What is needed.
In the records that follow, the lines from the one containing "#793 = DIRECTION" to the one containing "#1006 = LINE ( 'NONE', #2254, #1852 ) ;", inclusive, are to be given again exactly.

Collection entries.
********
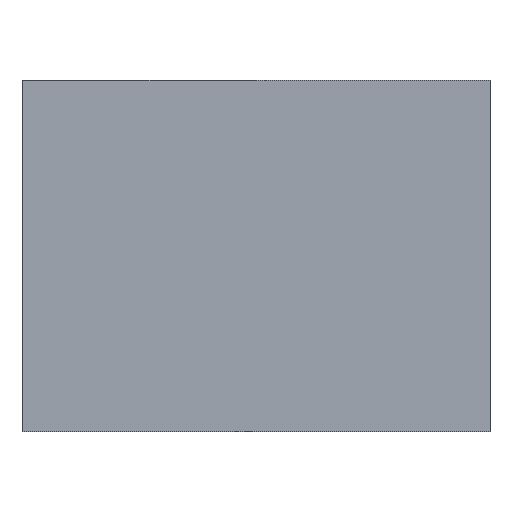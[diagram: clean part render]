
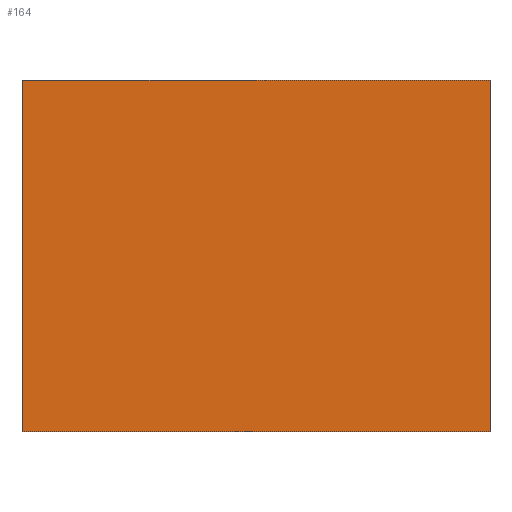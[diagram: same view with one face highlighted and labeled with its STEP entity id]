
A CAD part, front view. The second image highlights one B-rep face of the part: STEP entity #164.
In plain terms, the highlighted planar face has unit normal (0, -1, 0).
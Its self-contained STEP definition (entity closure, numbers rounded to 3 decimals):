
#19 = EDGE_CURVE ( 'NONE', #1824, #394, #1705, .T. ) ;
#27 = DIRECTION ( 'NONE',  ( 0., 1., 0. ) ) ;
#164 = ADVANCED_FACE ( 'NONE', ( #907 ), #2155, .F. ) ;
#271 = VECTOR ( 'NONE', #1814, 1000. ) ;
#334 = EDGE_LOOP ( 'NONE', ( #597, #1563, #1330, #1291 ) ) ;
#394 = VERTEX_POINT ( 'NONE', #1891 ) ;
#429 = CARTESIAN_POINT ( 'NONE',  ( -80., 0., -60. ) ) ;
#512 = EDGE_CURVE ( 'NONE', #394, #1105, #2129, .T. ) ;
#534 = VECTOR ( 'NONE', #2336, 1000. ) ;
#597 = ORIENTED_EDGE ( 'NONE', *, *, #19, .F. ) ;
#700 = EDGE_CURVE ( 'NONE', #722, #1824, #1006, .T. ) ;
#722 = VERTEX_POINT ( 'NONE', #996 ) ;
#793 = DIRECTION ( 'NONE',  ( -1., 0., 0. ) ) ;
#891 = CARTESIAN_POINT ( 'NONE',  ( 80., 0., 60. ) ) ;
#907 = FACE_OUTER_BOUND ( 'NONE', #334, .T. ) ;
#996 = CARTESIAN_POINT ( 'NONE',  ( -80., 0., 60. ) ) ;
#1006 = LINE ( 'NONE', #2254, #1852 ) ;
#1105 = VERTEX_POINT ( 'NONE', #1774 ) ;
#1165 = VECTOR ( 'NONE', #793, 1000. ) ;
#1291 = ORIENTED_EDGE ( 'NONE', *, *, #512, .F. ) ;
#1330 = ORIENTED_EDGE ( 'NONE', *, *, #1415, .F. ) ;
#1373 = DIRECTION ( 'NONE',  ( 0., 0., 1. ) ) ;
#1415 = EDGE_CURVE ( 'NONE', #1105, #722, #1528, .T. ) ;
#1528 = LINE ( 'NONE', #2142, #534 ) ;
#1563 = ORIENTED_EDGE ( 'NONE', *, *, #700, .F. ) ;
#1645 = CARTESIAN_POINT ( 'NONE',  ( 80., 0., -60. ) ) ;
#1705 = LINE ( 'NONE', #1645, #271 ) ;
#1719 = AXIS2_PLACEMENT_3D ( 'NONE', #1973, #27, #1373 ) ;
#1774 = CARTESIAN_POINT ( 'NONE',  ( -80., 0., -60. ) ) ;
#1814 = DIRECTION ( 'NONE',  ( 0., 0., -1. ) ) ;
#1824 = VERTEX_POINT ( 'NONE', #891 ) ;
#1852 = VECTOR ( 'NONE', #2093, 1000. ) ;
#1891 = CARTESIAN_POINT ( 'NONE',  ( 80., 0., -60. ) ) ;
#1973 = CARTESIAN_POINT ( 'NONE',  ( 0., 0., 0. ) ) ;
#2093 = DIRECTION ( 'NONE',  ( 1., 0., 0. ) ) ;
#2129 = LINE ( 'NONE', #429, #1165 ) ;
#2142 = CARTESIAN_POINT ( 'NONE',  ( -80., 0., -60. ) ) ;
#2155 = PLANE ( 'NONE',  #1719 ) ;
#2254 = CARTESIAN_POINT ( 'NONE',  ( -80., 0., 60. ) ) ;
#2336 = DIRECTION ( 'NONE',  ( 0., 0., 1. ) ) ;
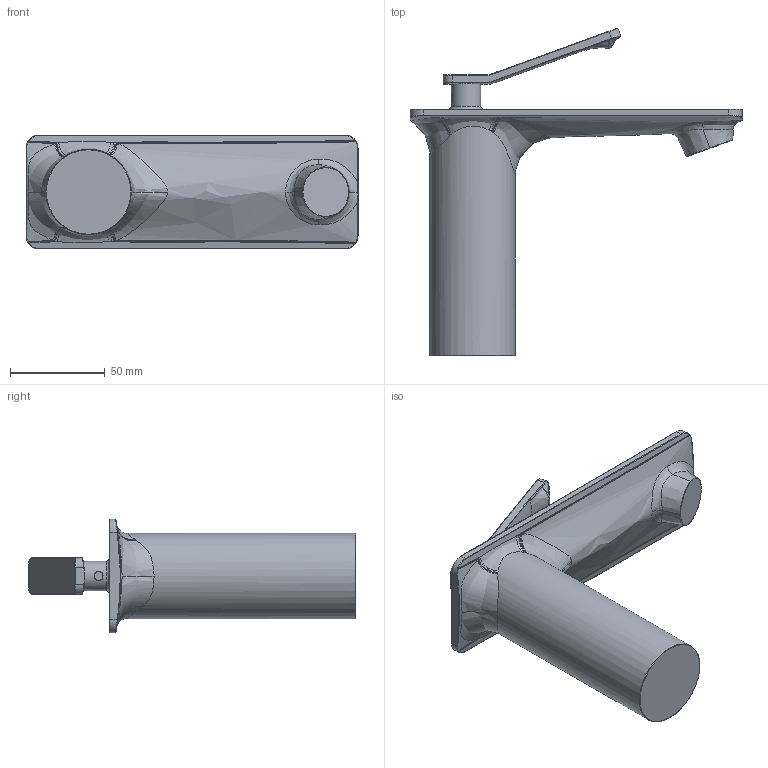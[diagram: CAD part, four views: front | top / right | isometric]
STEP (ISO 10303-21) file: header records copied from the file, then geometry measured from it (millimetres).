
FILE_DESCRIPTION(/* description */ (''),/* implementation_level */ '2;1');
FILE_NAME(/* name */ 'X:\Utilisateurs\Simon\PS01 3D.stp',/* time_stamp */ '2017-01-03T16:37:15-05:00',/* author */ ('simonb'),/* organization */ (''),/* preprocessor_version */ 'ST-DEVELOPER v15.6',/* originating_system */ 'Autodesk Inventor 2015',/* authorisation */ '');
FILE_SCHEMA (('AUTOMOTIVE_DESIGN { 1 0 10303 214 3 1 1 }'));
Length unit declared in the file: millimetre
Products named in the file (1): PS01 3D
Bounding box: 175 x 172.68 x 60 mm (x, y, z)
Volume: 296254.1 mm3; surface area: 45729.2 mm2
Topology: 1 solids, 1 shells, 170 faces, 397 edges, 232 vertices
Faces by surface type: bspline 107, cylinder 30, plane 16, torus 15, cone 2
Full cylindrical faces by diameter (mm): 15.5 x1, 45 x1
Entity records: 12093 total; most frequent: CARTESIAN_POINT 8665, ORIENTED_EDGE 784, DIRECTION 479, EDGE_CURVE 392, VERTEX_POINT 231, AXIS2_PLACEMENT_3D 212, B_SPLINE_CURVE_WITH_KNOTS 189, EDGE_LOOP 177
********
Answer space.
#793 = DIRECTION ( 'NONE',  ( -1., 0., 0. ) ) ;
#891 = CARTESIAN_POINT ( 'NONE',  ( 80., 0., 60. ) ) ;
#907 = FACE_OUTER_BOUND ( 'NONE', #334, .T. ) ;
#996 = CARTESIAN_POINT ( 'NONE',  ( -80., 0., 60. ) ) ;
#1006 = LINE ( 'NONE', #2254, #1852 ) ;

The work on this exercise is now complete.